Consider the following Ruby method:
def increment(value)
return if value >= 999
value + 1
end
What value gets returned to the caller from this method if the return statement executes?
From running this code myself, it appears that nil is returned. But is it always guaranteed to be the case that a return with no argument specified implicitly returns nil? Is this behavior documented somewhere? Is the behavior Ruby language version-dependent?
I checked several of the various sites linked to from https://www.ruby-lang.org/en/documentation/, including http://www.ruby-doc.org/docs/ProgrammingRuby/, without locating a definitive answer.
return is a Ruby keyword. From the documentation:
return Exits a method. See methods. If met in top-level scope, immediately stops interpretation of the current file.
From the return values section of the methods documentation:
By default, a method returns the last expression that was evaluated in the body of the method. ... The return keyword can be used to make it explicit that a method returns a value.
From The Ruby Programming Language by David Flanagan and Yukihiro Matsumoto (creator of the Ruby programming language), chapter 5.5.1 return:
return may optionally be followed by an expression, or a comma-separated list of expressions.
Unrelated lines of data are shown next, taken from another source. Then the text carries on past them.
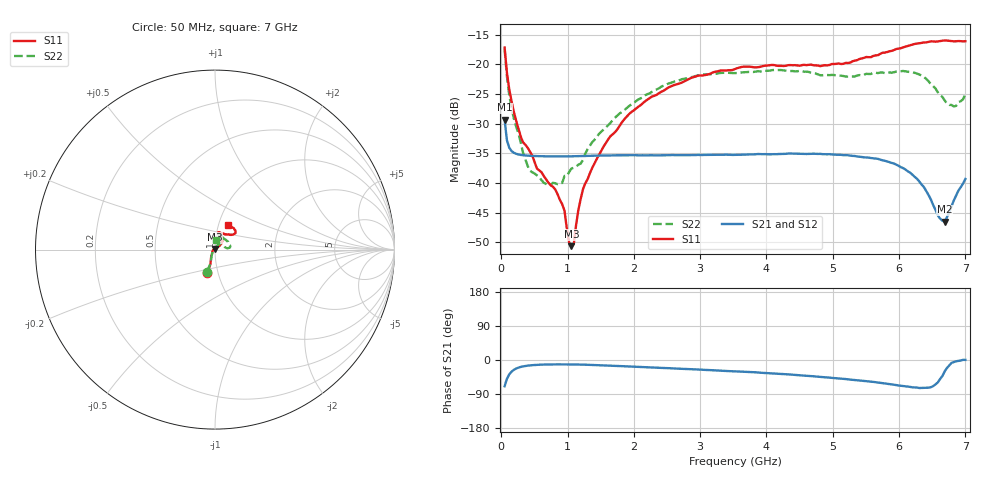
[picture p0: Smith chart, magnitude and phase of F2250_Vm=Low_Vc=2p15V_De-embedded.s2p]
! Integrated Device Technology
! Corporate Headquarters
! 6024 Silver Creek Valley Road
! San Jose, CA 95138  USA
! Phone:  1-408-284-8200
! Toll Free:  1-800-223-1366
! Webpage:  http://www.idt.com/
! Timing and RF Division
! 515 Groton Road, Suite 102
! Westford, MA 01886-6024
! Device:  F2250
! Description: Voltage Variable RF Attenuator
! Frequency:  50.0 -  6000.00 MHz
! Package:  3x3 mm Thin QFN Plastic Package: 16 pin
! Ports:  2 RF, 3 DC
!  Pin  1  = GND
!  Pin  2  = NC
!  Pin  3  = RF1  = Port 1
!  Pin  4  = NC
!  Pin  5  = GND
!  Pin  6  = GND
!  Pin  7  = GND
!  Pin  8  = GND
!  Pin  9  = NC
!  Pin 10  = RF2  = Port 2
!  Pin 11  = NC
!  Pin 12  = GND
!  Pin 13  = GND
!  Pin 14  = VCNTRL
!  Pin 15  = VDD
!  Pin 16  = VMODE
! Vcntrl:  2.150 Volts
! Vmode:  +0.000 Volts
! Vdd:  +3.30  Volts
! Current:  1.179 mA
! Data:  The device was measured on a the F2250 evaluation board which has
!  individual transmission lines to the RF pins.  Data was collected
!  using a calibrated network analyzer.  The evaluation board was
!  de-embedded using a TRL calibration technique.
!  The reference plane is the edge of the package pin.
! Misc:  SN 10
!  Action Tracker AT0258
! Date Measured:  2014-11-26
! Date:  2015-10-15  MJV
! Note:
!  Integrated Device Technology supplies this data as a sample of measured
!  data at the package pin for this product.  Your particular data for this
!  product may vary.
!  Data was taken at 25 degrees C.
!  Integrated Device Technology reserves the right to change this data at anytime.
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# GHz S dB R 50
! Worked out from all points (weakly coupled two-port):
!   201 points, 50 MHz to 7 GHz, reference 50 ohm
!   highest |S21| = -29.36 dB at 50 MHz (marker M1); lowest = -46.6 dB at 6.687 GHz (marker M2)
!   lowest |S11| = -50.7 dB at 1.058 GHz (marker M3), VSWR 1.01, Z = 49.8 + j0.247 ohm
!   |S11| at or under -10 dB: start of sweep to end of sweep
!   |S22| runs from -40.4 to -17.5 dB; largest |S21 - S12| = 5.8e-05
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0.05  -17.18 -108.6  -29.36 -69.2  -29.36 -69.2  -17.47 -110.1
0.08475  -21.44 -107.4  -32.82 -49.8  -32.82 -49.8  -22.03 -108.0
0.189  -28.00 -119.7  -34.92 -26.0  -34.92 -26.0  -29.14 -121.8
0.328  -33.16 -133.8  -35.35 -16.9  -35.34 -16.9  -34.90 -137.4
0.43225  -34.74 -144.6  -35.44 -14.2  -35.44 -14.2  -37.96 -162.7
0.71025  -39.96 -168.3  -35.53 -11.8  -35.53 -11.8  -40.39 150.5
0.91875  -43.61 158.1  -35.54 -11.6  -35.54 -11.6  -40.01 120.4
0.9535  -44.71 169.3  -35.54 -11.6  -35.54 -11.6  -38.83 119.3
1.023  -50.03 144.2  -35.53 -11.7  -35.53 -11.7  -38.18 101.0
1.05775  -50.68 122.1  -35.52 -11.7  -35.53 -11.7  -37.59 96.2
1.0925  -50.38 90.8  -35.51 -11.8  -35.51 -11.8  -37.45 91.3
1.162  -44.59 57.0  -35.50 -12.0  -35.50 -12.0  -36.94 79.9
1.2315  -41.10 44.2  -35.47 -12.2  -35.47 -12.2  -36.15 71.0
1.6485  -32.11 41.9  -35.38 -14.8  -35.38 -14.8  -29.85 57.1
2.37825  -24.87 47.3  -35.35 -20.5  -35.34 -20.5  -24.06 53.1
3.525  -20.80 72.5  -35.28 -29.9  -35.28 -29.9  -21.50 72.9
4.7065  -20.17 72.4  -35.09 -42.9  -35.09 -42.9  -21.52 71.2
5.85325  -17.82 40.5  -36.51 -63.5  -36.51 -63.6  -21.38 21.0
6.33975  -16.40 41.0  -40.29 -73.7  -40.30 -73.8  -21.89 6.9
6.68725  -15.99 48.8  -46.56 -30.3  -46.53 -29.9  -26.10 26.9
6.861  -16.12 55.1  -42.13 -3.4  -42.10 -3.3  -27.01 58.1
7  -16.12 63.3  -39.34 0.3  -39.30 0.2  -25.01 84.5

If there is no expression, then the return value of the method is nil. If there is one expression, then the value of that expression becomes the return value of the method. If there is more than one expression after the return keyword, then the return value of the method is an array containing the values of those expressions.
This last passage can be considered the canonical answer, though I believe there may be additional information in ISO/IEC 30170 on this.
To clarify how using if as a modifier is evaluated by the interpreter in your example, I'll again quote The Ruby Programming Language, chapter 5.1.2 if As a Modifier:
When if is used in its normal statement form, Ruby’s grammar requires that it be terminated with the end keyword. For simple, single-line conditionals, this is somewhat awkward. This is just a parsing problem, and the solution is to use the if keyword itself as the delimiter that separates the code to be executed from the conditional expression. Instead of writing:
if expression then code end
we can simply write:
code if expression
When used in this form, if is known as a statement (or expression) modifier. If you’re a Perl programmer, you may be accustomed to this syntax. If not, please note that the code to execute comes first, and the expression follows. For example:
puts message if message # Output message, if it is defined
This syntax places more emphasis on the code to be executed, and less emphasis on the condition under which it will be executed. Using this syntax can make your code more readable when the condition is a trivial one or when the condition is almost always true.
Even though the condition is written last, it is evaluated first. If it evaluates to anything other than false or nil, then the code is evaluated, and its value is used as the return value of the modified expression. Otherwise, the code is not executed, and the return value of the modified expression is nil. Obviously, this syntax does not allow any kind of else clause.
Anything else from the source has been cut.